Brewers: Ranking The 5 Worst Contracts In Franchise History
Worst contract in Brewers history #2: Matt Garza – 4 years, $50MM
Matt Garza had quite the career. He had some decent years in Tampa and in Chicago with the Cubs, but he was never great or an ace-level pitcher. Yet that didn’t stop the Brewers from paying him like one.
The Brewers were trying to line up a rebound season in 2014 and get back into the postseason, and they needed more pitching to get there. So owner Mark Attanasio went all out and got one of the top starting pitchers on the market in Matt Garza. Garza was a highly sought after commodity at the trade deadline the summer before and was still sought after entering his age-30 season.

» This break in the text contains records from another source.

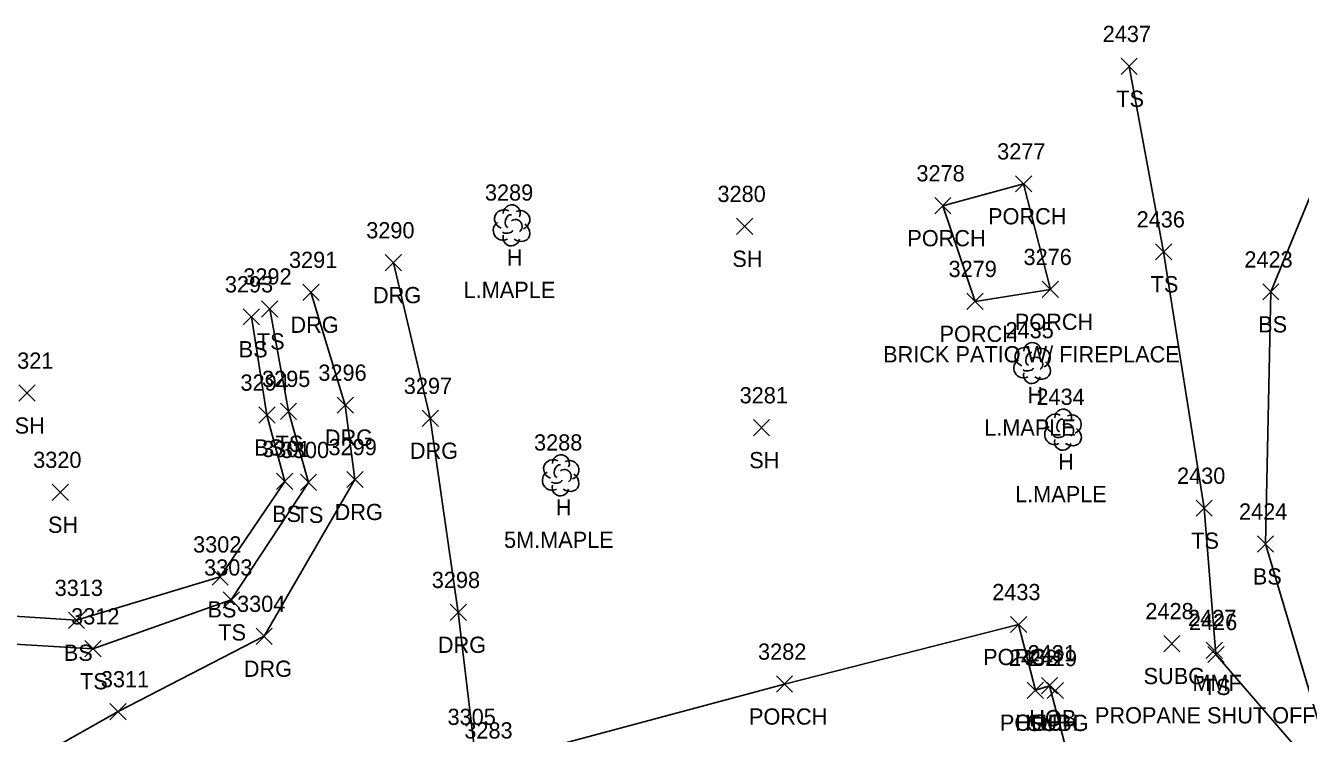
# Model space of a CAD drawing. Extents: x 1520648 to 1523413, y 732854 to 735518.
# Drawn here: x 1521708.9 to 1521866.1, y 733776.2 to 733863.4 of the extents above; entities that cross this region are included whole.
import ezdxf

# ---------------------------------------------------------------- set-up
doc = ezdxf.new("R2010")
doc.units = 0
for name, color, linetype in [('L_A', 7, 'Continuous'), ('L_C', 7, 'Continuous'), ('L_I', 7, 'Continuous'), ('L_TIC', 7, 'Continuous'), ('LBC', 7, 'Continuous'), ('LBF', 7, 'Continuous'), ('LELB', 7, 'Continuous'), ('LTD', 7, 'Continuous'), ('R_A', 7, 'Continuous'), ('R_I', 7, 'Continuous'), ('R_TIC', 7, 'Continuous'), ('RDG', 7, 'Continuous'), ('U_A', 7, 'Continuous'), ('U_I', 7, 'Continuous'), ('U_TIC', 7, 'Continuous')]:
    doc.layers.add(name, color=color, linetype=linetype)

msp = doc.modelspace()

# ---------------------------------------------------------------- linework, layer by layer
at = {"layer": 'L_TIC'}
for points in [[(1521843.96, 733857.39), (1521845.96, 733859.39)], [(1521845.96, 733857.39), (1521843.96, 733859.39)], [(1521830.95, 733842.91), (1521832.95, 733844.91)], [(1521832.95, 733842.91), (1521830.95, 733844.91)], [(1521821, 733840.21), (1521823, 733842.21)], [(1521823, 733840.21), (1521821, 733842.21)], [(1521796.57, 733837.67), (1521798.57, 733839.67)], [(1521798.57, 733837.67), (1521796.57, 733839.67)], [(1521848.2, 733834.53), (1521850.2, 733836.53)], [(1521850.2, 733834.53), (1521848.2, 733836.53)], [(1521834.25, 733829.9), (1521836.25, 733831.9)], [(1521836.25, 733829.9), (1521834.25, 733831.9)], [(1521834.25, 733829.9), (1521836.25, 733831.9)], [(1521836.25, 733829.9), (1521834.25, 733831.9)], [(1521861.42, 733829.59), (1521863.42, 733831.59)], [(1521863.42, 733829.59), (1521861.42, 733831.59)], [(1521824.97, 733828.42), (1521826.97, 733830.42)], [(1521826.97, 733828.42), (1521824.97, 733830.42)], [(1521824.97, 733828.42), (1521826.97, 733830.42)], [(1521826.97, 733828.42), (1521824.97, 733830.42)], [(1521735.77, 733826.52), (1521737.77, 733828.52)], [(1521737.77, 733826.52), (1521735.77, 733828.52)], [(1521738.04, 733827.49), (1521740.04, 733829.49)], [(1521740.04, 733827.49), (1521738.04, 733829.49)], [(1521708.11, 733817.12), (1521710.11, 733819.12)], [(1521710.11, 733817.12), (1521708.11, 733819.12)], [(1521737.69, 733814.41), (1521739.69, 733816.41)], [(1521739.69, 733814.41), (1521737.69, 733816.41)], [(1521740.35, 733814.87), (1521742.35, 733816.87)], [(1521742.35, 733814.87), (1521740.35, 733816.87)], [(1521798.64, 733812.85), (1521800.64, 733814.85)], [(1521800.64, 733812.85), (1521798.64, 733814.85)], [(1521739.88, 733806.23), (1521741.88, 733808.23)], [(1521741.88, 733806.23), (1521739.88, 733808.23)], [(1521742.82, 733806.11), (1521744.82, 733808.11)], [(1521744.82, 733806.11), (1521742.82, 733808.11)], [(1521712.23, 733804.89), (1521714.23, 733806.89)], [(1521714.23, 733804.89), (1521712.23, 733806.89)], [(1521853.2, 733802.93), (1521855.2, 733804.93)], [(1521855.2, 733802.93), (1521853.2, 733804.93)], [(1521860.76, 733798.52), (1521862.76, 733800.52)], [(1521862.76, 733798.52), (1521860.76, 733800.52)], [(1521731.92, 733794.46), (1521733.92, 733796.46)], [(1521733.92, 733794.46), (1521731.92, 733796.46)], [(1521733.29, 733791.62), (1521735.29, 733793.62)], [(1521735.29, 733791.62), (1521733.29, 733793.62)], [(1521714.22, 733789.11), (1521716.22, 733791.11)], [(1521716.22, 733789.11), (1521714.22, 733791.11)], [(1521830.34, 733788.59), (1521832.34, 733790.59)], [(1521832.34, 733788.59), (1521830.34, 733790.59)], [(1521716.25, 733785.6), (1521718.25, 733787.6)], [(1521718.25, 733785.6), (1521716.25, 733787.6)], [(1521854.47, 733785.4), (1521856.47, 733787.4)], [(1521856.47, 733785.4), (1521854.47, 733787.4)], [(1521854.65, 733784.9), (1521856.65, 733786.9)], [(1521856.65, 733784.9), (1521854.65, 733786.9)], [(1521801.48, 733781.25), (1521803.48, 733783.25)], [(1521803.48, 733781.25), (1521801.48, 733783.25)], [(1521834.14, 733781.05), (1521836.14, 733783.05)], [(1521836.14, 733781.05), (1521834.14, 733783.05)], [(1521834.14, 733781.05), (1521836.14, 733783.05)], [(1521836.14, 733781.05), (1521834.14, 733783.05)], [(1521832.4, 733780.49), (1521834.4, 733782.49)], [(1521834.4, 733780.49), (1521832.4, 733782.49)], [(1521832.4, 733780.49), (1521834.4, 733782.49)], [(1521834.4, 733780.49), (1521832.4, 733782.49)]]:
    msp.add_lwpolyline(points, dxfattribs=at)
at = {"layer": 'LBC'}
for points in [[(1521835.14, 733782.05), (1521843.88, 733748.85), (1521828.18, 733744.72), (1521821.83, 733742.98), (1521820.48, 733742.72), (1521819.45, 733746.72)], [(1521835.14, 733782.05), (1521833.4, 733781.49)]]:
    msp.add_lwpolyline(points, dxfattribs=at)
at = {"layer": 'LBF'}
for points in [[(1521835.25, 733830.9), (1521831.95, 733843.91), (1521822, 733841.21), (1521825.97, 733829.42)], [(1521835.25, 733830.9), (1521825.97, 733829.42)], [(1521833.4, 733781.49), (1521831.34, 733789.59), (1521802.48, 733782.25), (1521766.28, 733772.54), (1521766.36, 733771.11), (1521767.8, 733766.66), (1521775.14, 733740), (1521776.12, 733736.39), (1521776.46, 733734.77), (1521819.45, 733746.72)]]:
    msp.add_lwpolyline(points, dxfattribs=at)
at = {"layer": 'LELB'}
for points in [[(1521882.77, 733859.99), (1521870.29, 733849.74), (1521862.42, 733830.59), (1521861.76, 733799.52), (1521871.16, 733767.89)], [(1521871.16, 733767.89), (1521855.65, 733785.9), (1521854.2, 733803.93), (1521849.2, 733835.53), (1521844.96, 733858.39)], [(1521739.04, 733828.49), (1521741.35, 733815.87), (1521743.82, 733807.11), (1521734.29, 733792.62), (1521717.25, 733786.6), (1521704.82, 733787.32), (1521691.66, 733793.27), (1521686.78, 733812.27)], [(1521736.77, 733827.52), (1521738.69, 733815.41), (1521740.88, 733807.23), (1521732.92, 733795.46), (1521715.22, 733790.11), (1521705.6, 733790.73), (1521694.17, 733796.12), (1521688.83, 733813.45)]]:
    msp.add_lwpolyline(points, dxfattribs=at)
at = {"layer": 'LTD'}
for p, q in [((1521768.82, 733838.84), (1521768.82, 733838.84)), ((1521768.82, 733838.84), (1521768.82, 733838.84)), ((1521832.98, 733821.87), (1521832.98, 733821.87)), ((1521832.98, 733821.87), (1521832.98, 733821.87)), ((1521836.79, 733813.66), (1521836.79, 733813.66)), ((1521836.79, 733813.66), (1521836.79, 733813.66)), ((1521774.87, 733808.03), (1521774.87, 733808.03)), ((1521774.87, 733808.03), (1521774.87, 733808.03))]:
    msp.add_line(p, q, dxfattribs=at)
for centre in [(1521768.87, 733840.28), (1521833.03, 733823.3), (1521836.83, 733815.1), (1521774.92, 733809.46)]:
    msp.add_arc(centre, 1.05, 335.5272, 180.9563, dxfattribs=at)
for centre, major_axis, ratio, start_param, end_param in [((1521768.03, 733839.51), (1.21, -0.51), 0.895232, 1.570796, 4.712389), ((1521768.61, 733839.3), (-0.208, -0.792), 0.645439, 3.141593, 6.283185), ((1521769.32, 733838.68), (-0.5, 0.667), 0.989748, 3.141593, 6.283185), ((1521769.86, 733839.43), (-1.14, -0.48), 0.949671, 1.570796, 4.712389), ((1521767.74, 733838.13), (0.58, -1.04), 0.959034, 3.141593, 6.283185), ((1521768.36, 733838.09), (-0.625, -0.083), 0.423636, 0, 3.141593), ((1521769.82, 733838.01), (-1.09, 0.79), 0.841452, 1.570796, 4.712389), ((1521768.82, 733837.34), (0.26, 1.06), 0.942809, 1.570796, 4.712389), ((1521832.19, 733822.54), (1.21, -0.51), 0.895232, 1.570796, 4.712389), ((1521834.02, 733822.45), (-1.14, -0.48), 0.949671, 1.570796, 4.712389), ((1521831.9, 733821.16), (0.58, -1.04), 0.959034, 3.141593, 6.283185), ((1521832.77, 733822.33), (-0.208, -0.792), 0.645439, 3.141593, 6.283185), ((1521833.48, 733821.7), (-0.5, 0.667), 0.989748, 3.141593, 6.283185), ((1521833.98, 733821.04), (-1.09, 0.79), 0.841452, 1.570796, 4.712389), ((1521832.98, 733820.37), (0.26, 1.06), 0.942809, 1.570796, 4.712389), ((1521832.52, 733821.12), (-0.625, -0.083), 0.423636, 0, 3.141593), ((1521835.99, 733814.33), (1.21, -0.51), 0.895232, 1.570796, 4.712389), ((1521836.58, 733814.12), (-0.208, -0.792), 0.645439, 3.141593, 6.283185), ((1521837.29, 733813.49), (-0.5, 0.667), 0.989748, 3.141593, 6.283185), ((1521837.83, 733814.24), (-1.14, -0.48), 0.949671, 1.570796, 4.712389), ((1521835.7, 733812.95), (0.58, -1.04), 0.959034, 3.141593, 6.283185), ((1521836.33, 733812.91), (-0.625, -0.083), 0.423636, 0, 3.141593), ((1521837.79, 733812.83), (-1.09, 0.79), 0.841452, 1.570796, 4.712389), ((1521836.79, 733812.16), (0.26, 1.06), 0.942809, 1.570796, 4.712389), ((1521774.08, 733808.7), (1.21, -0.51), 0.895232, 1.570796, 4.712389), ((1521775.91, 733808.61), (-1.14, -0.48), 0.949671, 1.570796, 4.712389), ((1521773.79, 733807.32), (0.58, -1.04), 0.959034, 3.141593, 6.283185), ((1521774.66, 733808.49), (-0.208, -0.792), 0.645439, 3.141593, 6.283185), ((1521775.37, 733807.86), (-0.5, 0.667), 0.989748, 3.141593, 6.283185), ((1521775.87, 733807.2), (-1.09, 0.79), 0.841452, 1.570796, 4.712389), ((1521774.87, 733806.53), (0.26, 1.06), 0.942809, 1.570796, 4.712389), ((1521774.41, 733807.28), (-0.625, -0.083), 0.423636, 0, 3.141593)]:
    msp.add_ellipse(centre, major_axis=major_axis, ratio=ratio, start_param=start_param, end_param=end_param, dxfattribs=at)
at = {"layer": 'R_TIC'}
for points in [[(1521753.27, 733833.19), (1521755.27, 733835.19)], [(1521755.27, 733833.19), (1521753.27, 733835.19)], [(1521743.11, 733829.54), (1521745.11, 733831.54)], [(1521745.11, 733829.54), (1521743.11, 733831.54)], [(1521747.35, 733815.63), (1521749.35, 733817.63)], [(1521749.35, 733815.63), (1521747.35, 733817.63)], [(1521757.82, 733814.01), (1521759.82, 733816.01)], [(1521759.82, 733814.01), (1521757.82, 733816.01)], [(1521748.54, 733806.46), (1521750.54, 733808.46)], [(1521750.54, 733806.46), (1521748.54, 733808.46)], [(1521761.27, 733790.09), (1521763.27, 733792.09)], [(1521763.27, 733790.09), (1521761.27, 733792.09)], [(1521737.35, 733787.14), (1521739.35, 733789.14)], [(1521739.35, 733787.14), (1521737.35, 733789.14)], [(1521719.34, 733777.85), (1521721.34, 733779.85)], [(1521721.34, 733777.85), (1521719.34, 733779.85)]]:
    msp.add_lwpolyline(points, dxfattribs=at)
at = {"layer": 'RDG'}
for points in [[(1521754.27, 733834.19), (1521758.82, 733815.01), (1521762.27, 733791.09), (1521764.29, 733774.21), (1521748.97, 733769.12), (1521736.37, 733764.01), (1521737.04, 733756.31), (1521741.18, 733735.03), (1521745.34, 733719.41), (1521729.56, 733714.32), (1521720.18, 733709.93), (1521721.48, 733696.01), (1521728.35, 733691.91), (1521736.06, 733688.52)], [(1521744.11, 733830.54), (1521748.35, 733816.63), (1521749.54, 733807.46), (1521738.35, 733788.14), (1521720.34, 733778.85), (1521697.63, 733766.04), (1521693.47, 733757.79), (1521695.59, 733735.07), (1521698.44, 733708.77), (1521699.35, 733693.83), (1521691.81, 733681.75), (1521685.16, 733676.19), (1521682.58, 733672.91)]]:
    msp.add_lwpolyline(points, dxfattribs=at)
at = {"layer": 'U_TIC'}
for points in [[(1521849.22, 733786.24), (1521851.22, 733788.24)], [(1521851.22, 733786.24), (1521849.22, 733788.24)], [(1521834.85, 733780.46), (1521836.85, 733782.46)], [(1521836.85, 733780.46), (1521834.85, 733782.46)]]:
    msp.add_lwpolyline(points, dxfattribs=at)

# ---------------------------------------------------------------- texts
at = {"layer": 'L_A'}
for s, p in [('TS', (1521843.37, 733853.39)), ('PORCH', (1521827.57, 733838.91)), ('PORCH', (1521817.62, 733836.21)), ('H', (1521768.26, 733833.84)), ('SH', (1521796.05, 733833.67)), ('TS', (1521847.61, 733830.53)), ('PORCH', (1521830.87, 733825.9)), ('PORCH', (1521830.87, 733825.9)), ('BS', (1521860.86, 733825.59)), ('TS', (1521737.45, 733823.49)), ('PORCH', (1521821.59, 733824.42)), ('PORCH', (1521821.59, 733824.42)), ('BS', (1521735.21, 733822.52)), ('H', (1521832.42, 733816.87)), ('SH', (1521707.6, 733813.12)), ('TS', (1521739.76, 733810.87)), ('BS', (1521737.13, 733810.41)), ('SH', (1521798.13, 733808.85)), ('H', (1521836.22, 733808.66)), ('H', (1521774.3, 733803.03)), ('BS', (1521739.33, 733802.23)), ('TS', (1521742.23, 733802.11)), ('SH', (1521711.71, 733800.89)), ('TS', (1521852.61, 733798.93)), ('BS', (1521860.2, 733794.52)), ('BS', (1521731.37, 733790.46)), ('TS', (1521732.7, 733787.62)), ('BS', (1521713.66, 733785.11)), ('PORCH', (1521826.96, 733784.59)), ('TS', (1521715.66, 733781.6)), ('MMF', (1521852.76, 733781.4)), ('TS', (1521854.05, 733780.9)), ('PORCH', (1521798.1, 733777.25)), ('PORCH', (1521829.03, 733776.49)), ('HOB', (1521830.91, 733776.49)), ('HOB', (1521832.65, 733777.05)), ('HOB', (1521832.65, 733777.05))]:
    msp.add_text(s, height=2, dxfattribs=at).set_placement(p)
at = {"layer": 'L_C'}
for s, p in [('L.MAPLE', (1521762.93, 733829.84)), ('BRICK PATIO W/ FIREPLACE', (1521814.64, 733821.9)), ('BRICK PATIO W/ FIREPLACE', (1521814.64, 733821.9)), ('L.MAPLE', (1521827.09, 733812.87)), ('L.MAPLE', (1521830.9, 733804.66)), ('5M.MAPLE', (1521767.91, 733799.03)), ('PROPANE SHUT OFF', (1521840.74, 733777.4))]:
    msp.add_text(s, height=2, dxfattribs=at).set_placement(p)
at = {"layer": 'L_I'}
for s, p in [('2437', (1521841.7, 733861.39)), ('3277', (1521828.69, 733846.91)), ('3278', (1521818.74, 733844.21)), ('3289', (1521765.56, 733841.84)), ('3280', (1521794.22, 733841.67)), ('2436', (1521845.88, 733838.53)), ('3276', (1521831.94, 733833.9)), ('3276', (1521831.94, 733833.9)), ('2423', (1521859.16, 733833.59)), ('3292', (1521735.78, 733831.49)), ('3279', (1521822.7, 733832.42)), ('3279', (1521822.7, 733832.42)), ('3293', (1521733.51, 733830.52)), ('2435', (1521829.72, 733824.87)), ('3321', (1521706.42, 733821.12)), ('3294', (1521735.43, 733818.41)), ('3295', (1521738.09, 733818.87)), ('3281', (1521796.95, 733816.85)), ('2434', (1521833.53, 733816.66)), ('3288', (1521771.61, 733811.03)), ('3301', (1521738.11, 733810.23)), ('3300', (1521740.4, 733810.11)), ('3320', (1521709.88, 733808.89)), ('2430', (1521850.86, 733806.93)), ('2424', (1521858.5, 733802.52)), ('3302', (1521729.59, 733798.46)), ('3303', (1521730.95, 733795.62)), ('3313', (1521712.53, 733793.11)), ('2433', (1521828.08, 733792.59)), ('3312', (1521714.56, 733789.6)), ('2427', (1521852.21, 733789.4)), ('2426', (1521852.33, 733788.9)), ('3282', (1521799.22, 733785.25)), ('2432', (1521830.14, 733784.49)), ('2432', (1521830.14, 733784.49)), ('2431', (1521832.45, 733785.05)), ('2431', (1521832.45, 733785.05)), ('3283', (1521763.02, 733775.54))]:
    msp.add_text(s, height=2, dxfattribs=at).set_placement(p)
at = {"layer": 'R_A'}
for p in [(1521751.76, 733829.19), (1521741.59, 733825.54), (1521745.83, 733811.63), (1521756.31, 733810.01), (1521747.03, 733802.46), (1521759.76, 733786.09), (1521735.84, 733783.14)]:
    msp.add_text('DRG', height=2, dxfattribs=at).set_placement(p)
at = {"layer": 'R_I'}
for s, p in [('3290', (1521750.93, 733837.19)), ('3291', (1521741.41, 733833.54)), ('3296', (1521745.03, 733819.63)), ('3297', (1521755.56, 733818.01)), ('3299', (1521746.28, 733810.46)), ('3298', (1521759.01, 733794.09)), ('3304', (1521735.01, 733791.14)), ('3311', (1521718.22, 733781.85)), ('3305', (1521760.95, 733777.21))]:
    msp.add_text(s, height=2, dxfattribs=at).set_placement(p)
at = {"layer": 'U_A'}
for p in [(1521846.74, 733782.24), (1521832.38, 733776.46)]:
    msp.add_text('SUBG', height=2, dxfattribs=at).set_placement(p)
at = {"layer": 'U_I'}
for s, p in [('2428', (1521846.96, 733790.24)), ('2429', (1521832.58, 733784.46))]:
    msp.add_text(s, height=2, dxfattribs=at).set_placement(p)

doc.saveas('drawing.dxf')

At the time, Garza signed the largest free agent contract in Brewers franchise history at four years and $50 million.
It did not age well.
Garza had a decent enough first season in Milwaukee, finishing with a 3.64 ERA in 27 starts as the Brewers tumbled down the stretch that year, but we don’t need to talk about that.
Then the rebuild started in 2015 and Garza’s contract became an albatross. They were stuck paying him for three more seasons at $12.5MM per year and Garza’s performance made him impossible to move. In 2015, Garza pitched to a 5.63 ERA and things did not get much better. He was removed from the rotation in September, was shut down for the season, and famously did not take it well.
In 2016, Garza missed the first two and a half months of the season with a shoulder strain. When he returned, he posted a 4.51 ERA in 19 starts.
Then came 2017, as Garza’s performance was still mediocre but the Brewers as a team were turning the corner. They were surprisingly in first place for a chunk of the season and remained in the playoff race until the final game of the year. However, that was because some of the young guns on the pitching staff were taking over.
Guys like Zach Davies, Jimmy Nelson, Chase Anderson, Brent Suter, and Brandon Woodruff were taking over the rotation and the Brewers simply didn’t want Garza in the rotation anymore. So they tried to move him to the bullpen after a rough month of August.
After a poor start against the Reds on September 5th, where he gave up five runs in 2.2 IP, the Brewers removed Garza from the rotation. He made a few appearances out of the bullpen but finished the year with a 4.94 ERA.
That was the end of Garza’s big league career.
The contract was an albatross from start to finish, and was completely immovable at a time where the Brewers were plenty willing to unload veterans for prospects, but Garza performed so horribly, they weren’t able to move him through the rebuild.